Batted ball luck cost Bader eight hits in 2019. The difference between his xBABIP and actual BABIP was one of the larger differences in the league, in the cursed upper quartile. Simply adding eight singles to his 2019 batting line results in a .228 batting average, .333 OBP, .389 SLG, and .722 OPS. It places his wOBA just a bit under Paul DeJong last year if you’d like a frame of reference. To clarify, this isn’t giving him good luck in 2019. We’re simply awarding him the number of hits that the average hitter would have had by hitting the ball the way Bader did, with Bader’s speed.
Now let’s look at xHR/FB. Bader undershot his expected HR/FB by 3.52%. Among the 320 hitters with 250+ plate appearances, Bader had the 20th worst gap. He had 99 flyballs, which makes the math very easy. If Bader’s HR/FB had been the same as the average hitter with his profile, Bader would have had 3.5 more homeruns (putting aside that nobody has ever hit half of a homerun).
Let’s put it all together in a scatterplot. Here is the number of singles and homeruns gained or lost for all players with 250 plate appearances. Bader is highlighted in red, and I’ve also identified some other outliers.
With average performance on the kinds of batted balls they produced, players in the bottom left would have seen more homeruns and singles. Players in the top right would see fewer homeruns and singles. Bader wasn’t quite the extreme in value lost, but he was close. Bader’s gap between his expected and actual wOBA has him as the 24th most victimized player last season.
Now let’s compare his actual season to the season an average player would have had with his batted ball profile:
Harrison Bader, Actual vs. Expected Slash Stats
That OPS is in between DeJong and Kolten Wong. His adjusted ISO is closer to Michael Brantley than, say, actual production comps like Austin Romine and Stevie Wilkerson. Moreover, his adjusted OBP and SLG would have represented slight increases over his 2018 season despite a lower batting average. It’s important to reiterate that none of this is wishcasting, either. This is simply the result of giving Bader the results that an average player would have had on similar types of contact. In fairness, that’s not the complete story. As Zach pointed out in our conversation, it’s possible that Busch Stadium plays as a harder ballpark for power than is currently known.

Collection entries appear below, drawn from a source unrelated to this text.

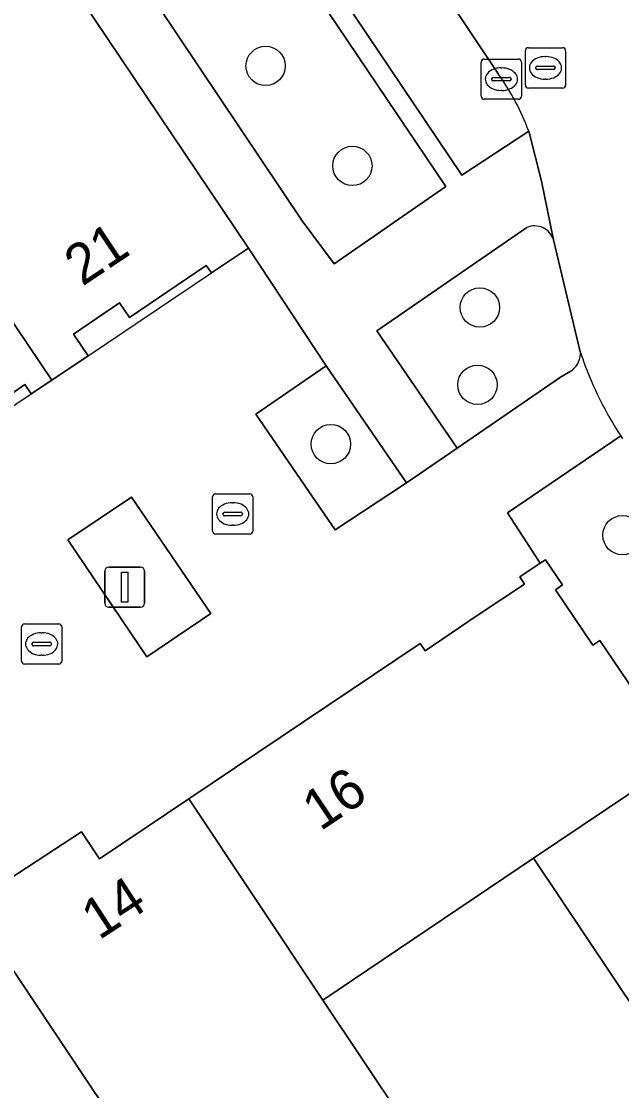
# Model space of a CAD drawing. Extents: x 158793 to 159888, y 384317 to 385256.
# Drawn here: x 159132.82 to 159147.74, y 384807.77 to 384834.32 of the extents above; entities that cross this region are included whole.
import ezdxf

# ---------------------------------------------------------------- set-up
doc = ezdxf.new("R2010")
doc.units = 0
for name, color, linetype in [('IMGEO_Boom', 7, 'Continuous'), ('IMGEO_Erf', 7, 'Continuous'), ('IMGEO_Groenvoorziening', 7, 'Continuous'), ('IMGEO_Kolk', 7, 'Continuous'), ('IMGEO_Lichtmast', 7, 'Continuous'), ('IMGEO_Pand', 7, 'Continuous'), ('IMGEO_Pand_nummerreeks', 7, 'Continuous'), ('IMGEO_Pand_overbouw', 7, 'Continuous'), ('IMGEO_Parkeervlak_open', 7, 'Continuous'), ('IMGEO_Rijbaan_lokaal_open', 7, 'Continuous'), ('IMGEO_Rioolput', 7, 'Continuous'), ('IMGEO_Voetpad_open', 7, 'Continuous')]:
    doc.layers.add(name, color=color, linetype=linetype)

msp = doc.modelspace()

# ---------------------------------------------------------------- linework, layer by layer
at = {"layer": 'IMGEO_Boom'}
for centre in [(159138.893, 384833.21), (159141.048, 384830.727), (159144.217, 384827.212), (159144.156, 384825.292), (159140.515, 384823.82), (159147.761, 384821.559)]:
    msp.add_circle(centre, 0.489, dxfattribs=at)
at = {"layer": 'IMGEO_Erf'}
msp.add_lwpolyline([(159152.783, 384802.742), (159145.552, 384813.536), (159140.318, 384810.016), (159142.302, 384807.041)], dxfattribs=at)
at = {"layer": 'IMGEO_Groenvoorziening'}
for points in [[(159137.509, 384838.918), (159134.663, 384837.03), (159139.797, 384829.364), (159140.593, 384828.294), (159143.37, 384830.219)], [(159140.623, 384821.689), (159142.395, 384822.861), (159140.397, 384825.767), (159138.651, 384824.567), (159139.859, 384822.803)], [(159135.556, 384822.504), (159133.976, 384821.445), (159135.939, 384818.54), (159137.533, 384819.611)]]:
    msp.add_lwpolyline(points, close=True, dxfattribs=at)
for points in [[(159145.384, 384829.198), (159141.656, 384826.635), (159143.651, 384823.723), (159146.223, 384825.482), (159146.515, 384825.659)], [(159146.713, 384826.113), (159146.047, 384828.889)], [(159147.762, 384823.956), (159147.717, 384824.025), (159144.902, 384822.115), (159145.269, 384821.55), (159145.717, 384820.861), (159145.851, 384820.95), (159146.271, 384820.323), (159146.093, 384820.203), (159147.02, 384818.826), (159147.199, 384818.944), (159149.203, 384815.99), (159145.552, 384813.536), (159152.783, 384802.742), (159156.787, 384796.766), (159156.976, 384796.89), (159158.254, 384797.753), (159158.435, 384797.871)]]:
    msp.add_lwpolyline(points, dxfattribs=at)
for centre, radius, start, end in [((159145.58, 384828.752), 0.487, 16.3046, 113.7184), ((159146.177, 384826.077), 0.538, 309.0031, 3.8706)]:
    msp.add_arc(centre, radius, start, end, dxfattribs=at)
at = {"layer": 'IMGEO_Kolk'}
for p, q in [((159144.326, 384833.382), (159145.178, 384833.382)), ((159144.251, 384832.456), (159144.251, 384833.308)), ((159144.739, 384833.162), (159144.764, 384833.162)), ((159145.252, 384833.308), (159145.252, 384832.456)), ((159144.51, 384832.876), (159144.51, 384832.888)), ((159144.948, 384832.839), (159144.55, 384832.839)), ((159144.553, 384832.925), (159144.951, 384832.925)), ((159144.994, 384832.888), (159144.994, 384832.876)), ((159144.762, 384832.602), (159144.737, 384832.602)), ((159145.178, 384832.382), (159144.326, 384832.382)), ((159137.573, 384821.658), (159137.573, 384822.51)), ((159137.648, 384822.584), (159138.5, 384822.584)), ((159138.574, 384822.51), (159138.574, 384821.658)), ((159138.061, 384822.364), (159138.086, 384822.364)), ((159137.832, 384822.078), (159137.832, 384822.09)), ((159138.27, 384822.041), (159137.872, 384822.041)), ((159137.875, 384822.127), (159138.273, 384822.127)), ((159138.316, 384822.09), (159138.316, 384822.078)), ((159138.084, 384821.804), (159138.059, 384821.804)), ((159138.5, 384821.584), (159137.648, 384821.584)), ((159132.901, 384819.356), (159133.753, 384819.356)), ((159132.826, 384818.43), (159132.826, 384819.282)), ((159133.314, 384819.136), (159133.339, 384819.136)), ((159133.827, 384819.282), (159133.827, 384818.43)), ((159133.085, 384818.85), (159133.085, 384818.862)), ((159133.523, 384818.813), (159133.125, 384818.813)), ((159133.128, 384818.899), (159133.526, 384818.899)), ((159133.569, 384818.862), (159133.569, 384818.85)), ((159133.337, 384818.576), (159133.312, 384818.576)), ((159133.753, 384818.356), (159132.901, 384818.356))]:
    msp.add_line(p, q, dxfattribs=at)
for points in [[(159144.326, 384833.382), (159145.178, 384833.382)], [(159144.251, 384832.456), (159144.251, 384833.308)], [(159145.252, 384833.308), (159145.252, 384832.456)], [(159145.178, 384832.382), (159144.326, 384832.382)], [(159137.573, 384821.658), (159137.573, 384822.51)], [(159137.648, 384822.584), (159138.5, 384822.584)], [(159138.574, 384822.51), (159138.574, 384821.658)], [(159138.5, 384821.584), (159137.648, 384821.584)], [(159132.901, 384819.356), (159133.753, 384819.356)], [(159132.826, 384818.43), (159132.826, 384819.282)], [(159133.827, 384819.282), (159133.827, 384818.43)], [(159133.753, 384818.356), (159132.901, 384818.356)]]:
    msp.add_lwpolyline(points, dxfattribs=at)
for centre, radius, start, end in [((159144.328, 384833.306), 0.0765, 91.552, 178.448), ((159144.328, 384833.306), 0.0765, 91.552, 178.448), ((159145.176, 384833.306), 0.0765, 1.552, 88.448), ((159145.176, 384833.306), 0.0765, 1.552, 88.448), ((159144.55, 384832.885), 0.0403, 85.8775, 175.7526), ((159144.547, 384832.875), 0.0366, 178.938, 274.7102), ((159144.951, 384832.882), 0.043, 264.8664, 352.4533), ((159144.955, 384832.887), 0.0386, 1.7309, 96.639), ((159144.328, 384832.458), 0.0765, 181.552, 268.448), ((159144.328, 384832.458), 0.0765, 181.552, 268.448), ((159145.176, 384832.458), 0.0765, 271.552, 358.448), ((159145.176, 384832.458), 0.0765, 271.552, 358.448), ((159137.65, 384822.508), 0.0765, 91.552, 178.448), ((159137.65, 384822.508), 0.0765, 91.552, 178.448), ((159138.498, 384822.508), 0.0765, 1.552, 88.448), ((159138.498, 384822.508), 0.0765, 1.552, 88.448), ((159137.872, 384822.087), 0.0403, 85.8775, 175.7526), ((159137.869, 384822.077), 0.0366, 178.938, 274.7102), ((159138.273, 384822.084), 0.043, 264.8664, 352.4533), ((159138.277, 384822.089), 0.0386, 1.7309, 96.639), ((159137.65, 384821.66), 0.0765, 181.552, 268.448), ((159137.65, 384821.66), 0.0765, 181.552, 268.448), ((159138.498, 384821.66), 0.0765, 271.552, 358.448), ((159138.498, 384821.66), 0.0765, 271.552, 358.448), ((159132.903, 384819.28), 0.0765, 91.552, 178.448), ((159132.903, 384819.28), 0.0765, 91.552, 178.448), ((159133.751, 384819.28), 0.0765, 1.552, 88.448), ((159133.751, 384819.28), 0.0765, 1.552, 88.448), ((159133.125, 384818.859), 0.0403, 85.8775, 175.7526), ((159133.122, 384818.849), 0.0366, 178.938, 274.7102), ((159133.526, 384818.856), 0.043, 264.8664, 352.4533), ((159133.53, 384818.861), 0.0386, 1.7309, 96.639), ((159132.903, 384818.432), 0.0765, 181.552, 268.448), ((159132.903, 384818.432), 0.0765, 181.552, 268.448), ((159133.751, 384818.432), 0.0765, 271.552, 358.448), ((159133.751, 384818.432), 0.0765, 271.552, 358.448)]:
    msp.add_arc(centre, radius, start, end, dxfattribs=at)
for centre, major_axis, ratio, start_param, end_param in [((159144.738, 384832.882), (-0.387, 0.002), 0.722429, 4.712389, 7.853982), ((159144.763, 384832.882), (-0.39, 0.002), 0.717154, 1.570796, 4.712389), ((159138.06, 384822.084), (-0.387, 0.002), 0.722429, 4.712389, 7.853982), ((159138.085, 384822.084), (-0.39, 0.002), 0.717154, 1.570796, 4.712389), ((159133.313, 384818.856), (-0.387, 0.002), 0.722429, 4.712389, 7.853982), ((159133.338, 384818.856), (-0.39, 0.002), 0.717154, 1.570796, 4.712389)]:
    msp.add_ellipse(centre, major_axis=major_axis, ratio=ratio, start_param=start_param, end_param=end_param, dxfattribs=at)
at = {"layer": 'IMGEO_Lichtmast'}
for p, q in [((159134.895, 384819.868), (159134.895, 384820.668)), ((159134.895, 384820.668), (159134.895, 384819.868)), ((159134.995, 384820.768), (159135.785, 384820.768)), ((159135.785, 384820.768), (159134.995, 384820.768)), ((159135.885, 384820.668), (159135.885, 384819.868)), ((159135.885, 384819.868), (159135.885, 384820.668)), ((159135.785, 384819.768), (159134.995, 384819.768)), ((159134.995, 384819.768), (159135.785, 384819.768))]:
    msp.add_line(p, q, dxfattribs=at)
msp.add_lwpolyline([(159135.315, 384820.643), (159135.465, 384820.643), (159135.465, 384819.893), (159135.315, 384819.893), (159135.315, 384820.643)], dxfattribs=at)
for centre, start, end in [((159134.995, 384820.668), 90, 180), ((159134.995, 384820.668), 90, 180), ((159135.785, 384820.668), 0, 90), ((159135.785, 384820.668), 360, 90), ((159134.995, 384819.868), 180, 270), ((159134.995, 384819.868), 180, 270), ((159135.785, 384819.868), 270, 0), ((159135.785, 384819.868), 270, 0)]:
    msp.add_arc(centre, 0.1, start, end, dxfattribs=at)
at = {"layer": 'IMGEO_Pand'}
for points in [[(159132.426, 384837.666), (159127.542, 384834.383), (159128.207, 384833.381), (159133.576, 384825.406), (159134.485, 384826.016), (159134.121, 384826.552), (159135.262, 384827.327), (159135.51, 384826.964), (159137.416, 384828.259), (159137.546, 384828.069), (159138.469, 384828.688)], [(159128.207, 384833.381), (159123.937, 384830.511), (159129.297, 384822.537), (159130.01, 384823.015), (159129.634, 384823.557), (159130.765, 384824.343), (159131.017, 384823.981), (159132.91, 384825.296), (159133.07, 384825.067), (159133.576, 384825.406)], [(159149.203, 384815.99), (159147.199, 384818.944), (159147.02, 384818.826), (159146.093, 384820.203), (159146.271, 384820.323), (159145.851, 384820.95), (159145.717, 384820.861), (159145.208, 384820.523), (159145.325, 384820.346), (159144.149, 384819.56), (159142.856, 384818.69), (159142.735, 384818.868), (159136.984, 384815.015), (159140.318, 384810.016), (159145.552, 384813.536)], [(159140.318, 384810.016), (159136.984, 384815.015), (159134.761, 384813.525), (159134.316, 384814.19), (159132.034, 384812.702), (159132.525, 384812.031), (159131.997, 384811.679), (159137.346, 384803.672), (159142.302, 384807.041)], [(159131.997, 384811.679), (159129.799, 384810.21), (159129.321, 384810.876), (159127.067, 384809.369), (159127.527, 384808.693), (159126.805, 384808.21), (159132.819, 384799.222), (159138.002, 384802.69), (159137.346, 384803.672)]]:
    msp.add_lwpolyline(points, close=True, dxfattribs=at)
at = {"layer": 'IMGEO_Pand_overbouw'}
for points in [[(159137.416, 384828.259), (159135.51, 384826.964), (159135.262, 384827.327), (159134.121, 384826.552), (159134.485, 384826.016), (159137.546, 384828.069)], [(159132.91, 384825.296), (159131.017, 384823.981), (159130.765, 384824.343), (159129.634, 384823.557), (159130.01, 384823.015), (159133.07, 384825.067)]]:
    msp.add_lwpolyline(points, close=True, dxfattribs=at)
at = {"layer": 'IMGEO_Parkeervlak_open'}
for points in [[(159144.677, 384833.004), (159133.178, 384850.193)], [(159133.059, 384849.561), (159131.607, 384848.549), (159143.771, 384830.497), (159145.43, 384831.589)]]:
    msp.add_lwpolyline(points, dxfattribs=at)
msp.add_arc((159139.892, 384829.55), 5.902, 20.2154, 35.8244, dxfattribs=at)
at = {"layer": 'IMGEO_Rijbaan_lokaal_open'}
for points in [[(159112.267, 384881.254), (159112.297, 384881.21), (159125.401, 384861.714), (159133.178, 384850.193), (159144.677, 384833.004)], [(159145.43, 384831.589), (159145.748, 384830.352), (159146.047, 384828.889), (159146.713, 384826.113)], [(159147.717, 384824.025), (159147.762, 384823.956)]]:
    msp.add_lwpolyline(points, dxfattribs=at)
for centre, radius, start, end in [((159139.892, 384829.55), 5.902, 20.2154, 35.8244), ((159153.227, 384828.219), 6.846, 197.9189, 199.9807), ((159155.217, 384828.919), 8.956, 199.8343, 213.1227)]:
    msp.add_arc(centre, radius, start, end, dxfattribs=at)
at = {"layer": 'IMGEO_Rioolput'}
for p, q in [((159145.422, 384833.662), (159146.274, 384833.662)), ((159145.347, 384832.736), (159145.347, 384833.588)), ((159145.835, 384833.442), (159145.86, 384833.442)), ((159146.348, 384833.588), (159146.348, 384832.736)), ((159145.606, 384833.156), (159145.606, 384833.168)), ((159146.044, 384833.119), (159145.646, 384833.119)), ((159145.649, 384833.205), (159146.047, 384833.205)), ((159146.09, 384833.168), (159146.09, 384833.156)), ((159145.858, 384832.882), (159145.833, 384832.882)), ((159146.274, 384832.662), (159145.422, 384832.662))]:
    msp.add_line(p, q, dxfattribs=at)
for points in [[(159145.422, 384833.662), (159146.274, 384833.662)], [(159145.347, 384832.736), (159145.347, 384833.588)], [(159146.348, 384833.588), (159146.348, 384832.736)], [(159146.274, 384832.662), (159145.422, 384832.662)]]:
    msp.add_lwpolyline(points, dxfattribs=at)
for centre, radius, start, end in [((159145.424, 384833.586), 0.0765, 91.552, 178.448), ((159145.424, 384833.586), 0.0765, 91.552, 178.448), ((159146.272, 384833.586), 0.0765, 1.552, 88.448), ((159146.272, 384833.586), 0.0765, 1.552, 88.448), ((159145.646, 384833.165), 0.0403, 85.8775, 175.7526), ((159145.643, 384833.155), 0.0366, 178.938, 274.7102), ((159146.047, 384833.162), 0.043, 264.8664, 352.4533), ((159146.051, 384833.167), 0.0386, 1.7309, 96.639), ((159145.424, 384832.738), 0.0765, 181.552, 268.448), ((159145.424, 384832.738), 0.0765, 181.552, 268.448), ((159146.272, 384832.738), 0.0765, 271.552, 358.448), ((159146.272, 384832.738), 0.0765, 271.552, 358.448)]:
    msp.add_arc(centre, radius, start, end, dxfattribs=at)
for centre, major_axis, ratio, start_param, end_param in [((159145.834, 384833.162), (-0.387, 0.002), 0.722429, 4.712389, 7.853982), ((159145.859, 384833.162), (-0.39, 0.002), 0.717154, 1.570796, 4.712389)]:
    msp.add_ellipse(centre, major_axis=major_axis, ratio=ratio, start_param=start_param, end_param=end_param, dxfattribs=at)
at = {"layer": 'IMGEO_Voetpad_open'}
for points in [[(159131.607, 384848.549), (159131.464, 384848.516), (159131.178, 384848.335), (159136.939, 384839.685), (159134.112, 384837.817), (159125.828, 384850.069), (159124.629, 384849.25), (159124.803, 384848.991), (159128.177, 384843.979), (159128.473, 384843.539), (159132.426, 384837.666), (159138.469, 384828.688), (159140.397, 384825.767), (159142.395, 384822.861), (159143.651, 384823.723), (159141.656, 384826.635), (159145.384, 384829.198)], [(159146.047, 384828.889), (159145.748, 384830.352), (159145.43, 384831.589), (159143.771, 384830.497), (159131.607, 384848.549)], [(159146.515, 384825.659), (159146.223, 384825.482), (159143.651, 384823.723), (159142.395, 384822.861), (159140.623, 384821.689), (159139.859, 384822.803), (159138.651, 384824.567), (159140.397, 384825.767), (159138.469, 384828.688), (159137.546, 384828.069), (159137.416, 384828.259), (159135.51, 384826.964), (159135.262, 384827.327), (159134.121, 384826.552), (159134.485, 384826.016), (159133.576, 384825.406), (159133.07, 384825.067), (159132.91, 384825.296), (159131.017, 384823.981)], [(159134.316, 384814.19), (159134.761, 384813.525), (159136.984, 384815.015), (159142.735, 384818.868), (159142.856, 384818.69), (159144.149, 384819.56), (159145.325, 384820.346), (159145.208, 384820.523), (159145.717, 384820.861), (159145.269, 384821.55), (159144.902, 384822.115), (159147.717, 384824.025)], [(159124.782, 384806.858), (159126.805, 384808.21), (159127.527, 384808.693), (159127.067, 384809.369), (159129.321, 384810.876), (159129.799, 384810.21), (159131.997, 384811.679), (159132.525, 384812.031), (159132.034, 384812.702), (159134.316, 384814.19)]]:
    msp.add_lwpolyline(points, dxfattribs=at)
for points in [[(159137.509, 384838.918), (159143.37, 384830.219), (159140.593, 384828.294), (159139.797, 384829.364), (159134.663, 384837.03)], [(159133.976, 384821.445), (159135.556, 384822.504), (159137.533, 384819.611), (159135.939, 384818.54)]]:
    msp.add_lwpolyline(points, close=True, dxfattribs=at)
for centre, radius, start, end in [((159145.58, 384828.752), 0.487, 16.3046, 113.7184), ((159146.177, 384826.077), 0.538, 309.0031, 3.8706), ((159153.227, 384828.219), 6.846, 197.9189, 199.9807), ((159155.217, 384828.919), 8.956, 199.8343, 213.1227)]:
    msp.add_arc(centre, radius, start, end, dxfattribs=at)

# ---------------------------------------------------------------- texts
at = {"layer": 'IMGEO_Pand_nummerreeks'}
for s, rotation, p in [('21', 33.8446, (159134.338, 384827.725)), ('16', 33.8217, (159140.25, 384814.194)), ('14', 33.1055, (159134.75, 384811.489))]:
    msp.add_text(s, height=1, rotation=rotation, dxfattribs=at).set_placement(p)

doc.saveas('drawing.dxf')

That said, Bader’s improved numbers with the x-stats also tracks with other real world gains he made last season. He lifted his hard hit percentage by 4.5% on Baseball Savant, produced 3% more barrels, increased his walk percentage by 4%, and even slightly decreased his strikeout rate by a very modest 0.5%. His exit velocity (+0.6 mph) and launch angle (+0.7 degrees) reflected other modest imrpovements. He increased his contact rate by 1.5%, reduced his swinging strike percentage by 1.6%, and generally showed a more patient approach at the plate.
All of the underlying metrics went in the right direction for Bader in 2019. The puzzling part was that it didn’t translate to better numbers. With the x-stats, we can see that there’s more production there. If the 2019 version of Bader comes back or even makes a few more strides, he’s a good bet to recover and even improve on his 2018, leaving 2019 in the dust.